A question on Taylor Series and polynomial
Suppose $ f(x)$ that is infinitely differentiable in $[a,b]$.
For every $c\in[a,b] $ the series $\sum\limits_{n=0}^\infty \cfrac{f^{(n)}(c)}{n!}(x-c)^n $ is a polynomial.
Is true that $f(x)$ is a polynomial?
I can show it is true if for every $c\in [a,b]$, there exists a neighborhood $U_c$ of $c$, such that
$$f(x)=\sum\limits_{n=0}^\infty \cfrac{f^{(n)}(c)}{n!}(x-c)^n\quad\text{for every }x\in U_c,$$
but, this equality is not always true.
What can I do when $f(x)\not=\sum\limits_{n=0}^\infty \cfrac{f^{(n)}(c)}{n!}(x-c)^n$?
Solution 1:
As I confirmed here, if for every $c\in[a,b] $, the series $\sum\limits_{n=0}^\infty \cfrac{f^{(n)}(c)}{n!}(x-c)^n $ is a polynomial, then for every $c\in[a,b]$ there exists a $k_c$ such that $f^{(n)}(c)=0$ for $n>k_c$.

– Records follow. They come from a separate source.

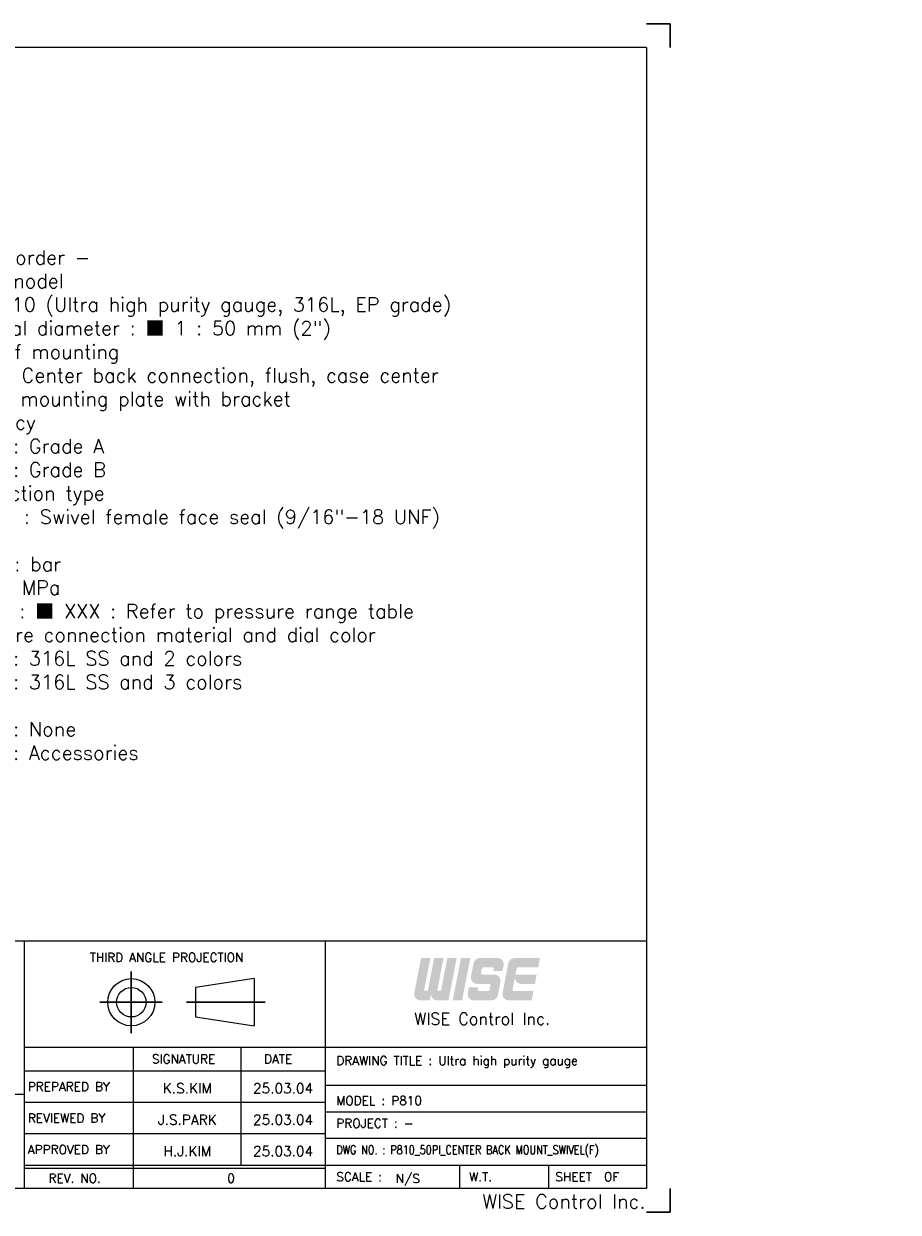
# Model space of a CAD drawing. Extents: x 439 to 843, y -3 to 249.
# Tile 3 of 3: x 658 to 843, y -3 to 249. Entities that reach past the tile are written whole.
import ezdxf
from ezdxf.enums import TextEntityAlignment as Align

# ---------------------------------------------------------------- set-up
doc = ezdxf.new("R2010")
doc.units = 0
doc.header["$LTSCALE"] = 17
doc.header["$MEASUREMENT"] = 0
doc.linetypes.add('CENTER', pattern=[2, 1.25, -0.25, 0.25, -0.25])
doc.linetypes.add('DASHEDX2', pattern=[1.5, 1, -0.5])
doc.layers.get('0').update_dxf_attribs({"linetype": 'DASHEDX2', "lineweight": 18})
doc.layers.add('4', color=4, linetype='CONTINUOUS', lineweight=30)
doc.styles.add('ROMANC', font='romans.shx', dxfattribs={"bigfont": 'whgtxt.shx'})
doc.styles.add('ROMANS', font='ROMANS.shx', dxfattribs={"bigfont": 'whgtxt.shx'})

msp = doc.modelspace()

# ---------------------------------------------------------------- hatches: boundary and pattern name
at = {"layer": '4', "linetype": 'CENTER'}
for points in [[(744.338, 43.292, 0.4142136), (745.688, 41.942), (748.037, 41.942), (749.787, 50.946), (747.806, 50.946), (746.458, 44.013), (745.648, 44.013), (746.996, 50.946), (745.015, 50.946), (743.667, 44.013), (742.857, 44.013), (744.204, 50.946), (742.224, 50.946), (740.786, 43.55, 0.4716306), (742.112, 41.942), (744.075, 41.942)], [(752.668, 50.946), (750.687, 50.946), (748.937, 41.942), (750.918, 41.942)], [(758.513, 43.035), (759.056, 45.826, 0.4716306), (757.73, 47.434), (755.194, 47.434, -0.4716306), (754.929, 47.756), (755.122, 48.746, -0.3590367), (755.387, 48.965), (757.358, 48.965, -0.4716306), (757.623, 48.643), (757.528, 48.154), (759.509, 48.154), (759.739, 49.337, 0.4716306), (758.413, 50.946), (754.682, 50.946, 0.3590367), (753.356, 49.853), (752.813, 47.062, 0.4716306), (754.139, 45.453), (756.675, 45.453, -0.4716306), (756.94, 45.132), (756.748, 44.141, -0.3590367), (756.483, 43.923), (754.512, 43.923, -0.4716306), (754.247, 44.244), (754.342, 44.733), (752.361, 44.733), (752.131, 43.55, 0.4716306), (753.457, 41.942), (757.188, 41.942, 0.3590367)], [(766.069, 43.923), (761.895, 43.923, -0.4716306), (761.63, 44.244), (761.865, 45.453), (762.127, 46.804, 0.4142136), (763.478, 45.453), (766.367, 45.453), (766.752, 47.434), (762.25, 47.434), (762.505, 48.746, -0.3590367), (762.77, 48.965), (767.049, 48.965), (767.434, 50.946), (762.065, 50.946, 0.3590367), (760.739, 49.853), (759.514, 43.55, 0.4716306), (760.84, 41.942), (765.684, 41.942)]]:
    msp.add_hatch(color=1, dxfattribs=at).paths.add_polyline_path(points)

# ---------------------------------------------------------------- linework, layer by layer
at = {"color": 4, "linetype": 'Continuous'}
for p, q in [((790.026, 244.031), (443.63, 244.031)), ((790.026, 244.031), (790.026, 2.036)), ((602.447, 54.558), (658.096, 54.558)), ((658.096, 54.558), (790.026, 54.558)), ((706.855, 46.563), (694.35, 44.687)), ((706.855, 46.563), (706.855, 36.559)), ((694.35, 44.687), (694.35, 38.435)), ((694.35, 38.435), (706.855, 36.559)), ((790.026, 2.036), (443.63, 2.036))]:
    msp.add_line(p, q, dxfattribs=at)
at = {"color": 3, "linetype": 'Continuous'}
for p, q in [((658.096, 2.036), (658.096, 54.558)), ((721.873, 54.558), (721.873, 2.036)), ((658.096, 32.048), (790.026, 32.048)), ((681.23, 2.036), (681.23, 32.048)), ((704.053, 7.038), (704.053, 32.048)), ((658.096, 27.046), (721.873, 27.046)), ((602.447, 22.044), (658.096, 22.044)), ((658.096, 20.377), (721.873, 20.377)), ((658.096, 13.707), (721.873, 13.707)), ((658.096, 6.412), (721.873, 6.412)), ((750.4, 7.038), (750.4, 2.036)), ((769.284, 7.038), (769.284, 2.036))]:
    msp.add_line(p, q, dxfattribs=at)
at = {"color": 7, "linetype": 'Continuous'}
for p, q in [((790.026, 23.92), (721.873, 23.92)), ((721.873, 18.292), (790.026, 18.292)), ((790.026, 12.665), (721.873, 12.665)), ((658.096, 7.038), (790.026, 7.038))]:
    msp.add_line(p, q, dxfattribs=at)
at = {"color": 4, "linetype": 'Continuous'}
for radius in [5.002, 3.126]:
    msp.add_circle((680.77, 41.561), radius, dxfattribs=at)
at = {"layer": '4', "color": 1}
for p, q in [((795.028, 249.033), (790.026, 249.033)), ((795.028, 244.031), (795.028, 249.033)), ((795.028, 2.036), (795.028, -2.967)), ((795.028, -2.967), (790.026, -2.967))]:
    msp.add_line(p, q, dxfattribs=at)
at = {"layer": '4', "color": 1, "linetype": 'CENTER'}
for p, q in [((680.77, 48.104), (680.77, 35.01)), ((674.121, 41.561), (687.315, 41.561)), ((692.453, 41.561), (709.159, 41.561))]:
    msp.add_line(p, q, dxfattribs=at)

# ---------------------------------------------------------------- texts
at = {"color": 3, "linetype": 'Continuous'}
for s, height, style, p in [('THIRD ANGLE PROJECTION', 1.87579, 'ROMANS', (671.959, 50.128)), ('SIGNATURE', 1.8758, 'ROMANS', (685.148, 28.592)), ('DATE', 1.8758, 'ROMANS', (708.927, 28.596)), ('DRAWING TITLE : Ultra high purity gauge', 1.87579, 'ROMANS', (724.248, 28.248)), ('PREPARED BY', 1.87579, 'ROMANS', (658.83, 22.729)), ('MODEL : P810', 1.87579, 'ROMANS', (724.248, 19.753)), ('REVIEWED BY', 1.87579, 'ROMANS', (658.83, 16.06)), ('PROJECT : -', 1.87579, 'ROMANS', (724.248, 14.956)), ('APPROVED BY', 1.87579, 'ROMANS', (658.83, 9.39)), ('REV. NO.', 1.8758, 'ROMANS', (663.217, 3.294)), ('0', 1.876, 'ROMANC', (701.114, 3.294)), ('SCALE :         ', 1.87579, 'ROMANS', (724.248, 3.616)), ('N/S', 1.8758, 'ROMANS', (736.851, 3.235)), ('W.T. ', 1.8758, 'ROMANS', (752.43, 3.616)), ('SHEET  OF', 1.8758, 'ROMANS', (770.717, 3.616))]:
    msp.add_text(s, height=height, dxfattribs=dict(at, style=style)).set_placement(p)
at = {"color": 3, "style": 'ROMANS'}
msp.add_text('WISE Control Inc.', height=2.50105, dxfattribs=at).set_placement((755.188, 38.05), align=Align.MIDDLE_CENTER)
at = {"color": 3, "linetype": 'Continuous', "style": 'ROMANS'}
for s, p in [('K.S.KIM', (692.641, 22.252)), ('25.03.04', (712.963, 22.252)), ('J.S.PARK', (692.641, 15.583)), ('25.03.04', (712.963, 15.583)), ('H.J.KIM', (692.641, 8.913)), ('25.03.04', (712.963, 8.913))]:
    msp.add_text(s, height=2.1259, dxfattribs=at).set_placement(p, align=Align.CENTER)
at = {"color": 3, "linetype": 'Continuous', "style": 'ROMANS', "width": 0.8}
msp.add_text('DWG NO. : P810_50PI_CENTER BACK MOUNT_SWIVEL(F)', height=1.87579, dxfattribs=at).set_placement((724.248, 9.329))
at = {"color": 3, "linetype": 'Continuous', "style": 'ROMANS'}
msp.add_text('WISE Control Inc.', height=3.00126, dxfattribs=at).set_placement((789.83, -2.176), align=Align.RIGHT)
at = {"color": 4, "insert": (636.697, 200.991), "char_height": 3, "attachment_point": 1, "style": 'ROMANS'}
msp.add_mtext_dynamic_auto_height_columns('\\pi3;{\\C3;- Main order -\\P\\pi0;1. Base model \\P    \\fGulim|b0|i0|c129|p50;■ \\Fromans,whgtxt|c129;P810 (Ultra high purity gauge, 316L, EP grade)\\P2. Nominal diameter : \\fGulim|b0|i0|c129|p50;■\\Fromans,whgtxt|c129; 1 : 50 mm (2") \\P3. Type of mounting\\P    \\fGulim|b0|i0|c129|p50;■\\Fromans,whgtxt|c129; I : Center back connection, flush, case center \\P          mounting plate with bracket\\P4. Accuracy\\P    \\fGulim|b0|i0|c129|p50;□\\Fromans,whgtxt|c129; 3 : Grade A\\P    \\fGulim|b0|i0|c129|p50;□\\Fromans,whgtxt|c129; 4 : Grade B \\P5. Connection type \\P    \\fGulim|b0|i0|c129|p50;■\\Fromans,whgtxt|c129; SF : Swivel female face seal (9/16"-18 UNF)\\P6. Unit\\P    \\fGulim|b0|i0|c129|p50;□\\Fromans,whgtxt|c129; H : bar\\P    \\fGulim|b0|i0|c129|p50;□\\Fromans,whgtxt|c129; I : MPa \\P7. Range : \\fGulim|b0|i0|c129|p50;■\\Fromans,whgtxt|c129; XXX : Refer to pressure range table\\P8. Pressure connection material and dial color\\P    \\fGulim|b0|i0|c129|p50;□\\Fromans,whgtxt|c129; 4 : 316L SS and 2 colors\\P    \\fGulim|b0|i0|c129|p50;□\\Fromans,whgtxt|c129; 8 : 316L SS and 3 colors \\P9. Option\\P    \\fGulim|b0|i0|c129|p50;□\\Fromans,whgtxt|c129; 0 : None\\P    \\fGulim|b0|i0|c129|p50;□\\Fromans,whgtxt|c129; 1 : Accessories }', width=154.05447, gutter_width=0, height=87.704, count=1, dxfattribs=at)

doc.saveas('drawing.dxf')

If $\max(k_c)$ is finite, we're done: $f(x)$ is a polynomial of degree $\le\max(k_c)$.
If $\max(k_c)=\infty$ it means there is an infinite number of unbounded $k_c$'s, but $f$ is infinitely differentiable, so (hand waving) the $c$'s can't have a limit point, i.e. although $\max(k_c)=\infty$ it can't be $\lim_{c\to c_\infty}k_c=\infty$ for some $c_\infty\in[a,b]$ because that would mean $k_{c_\infty}=\infty$, i.e. not a polynomial.
So the infinite number of unbounded $k_c$'s need to be spread apart, e.g. like a Cantor set.
Does this suggest a counterexample or can a Cantor-like distribution of $k_c$'s never be infinitely differentiable?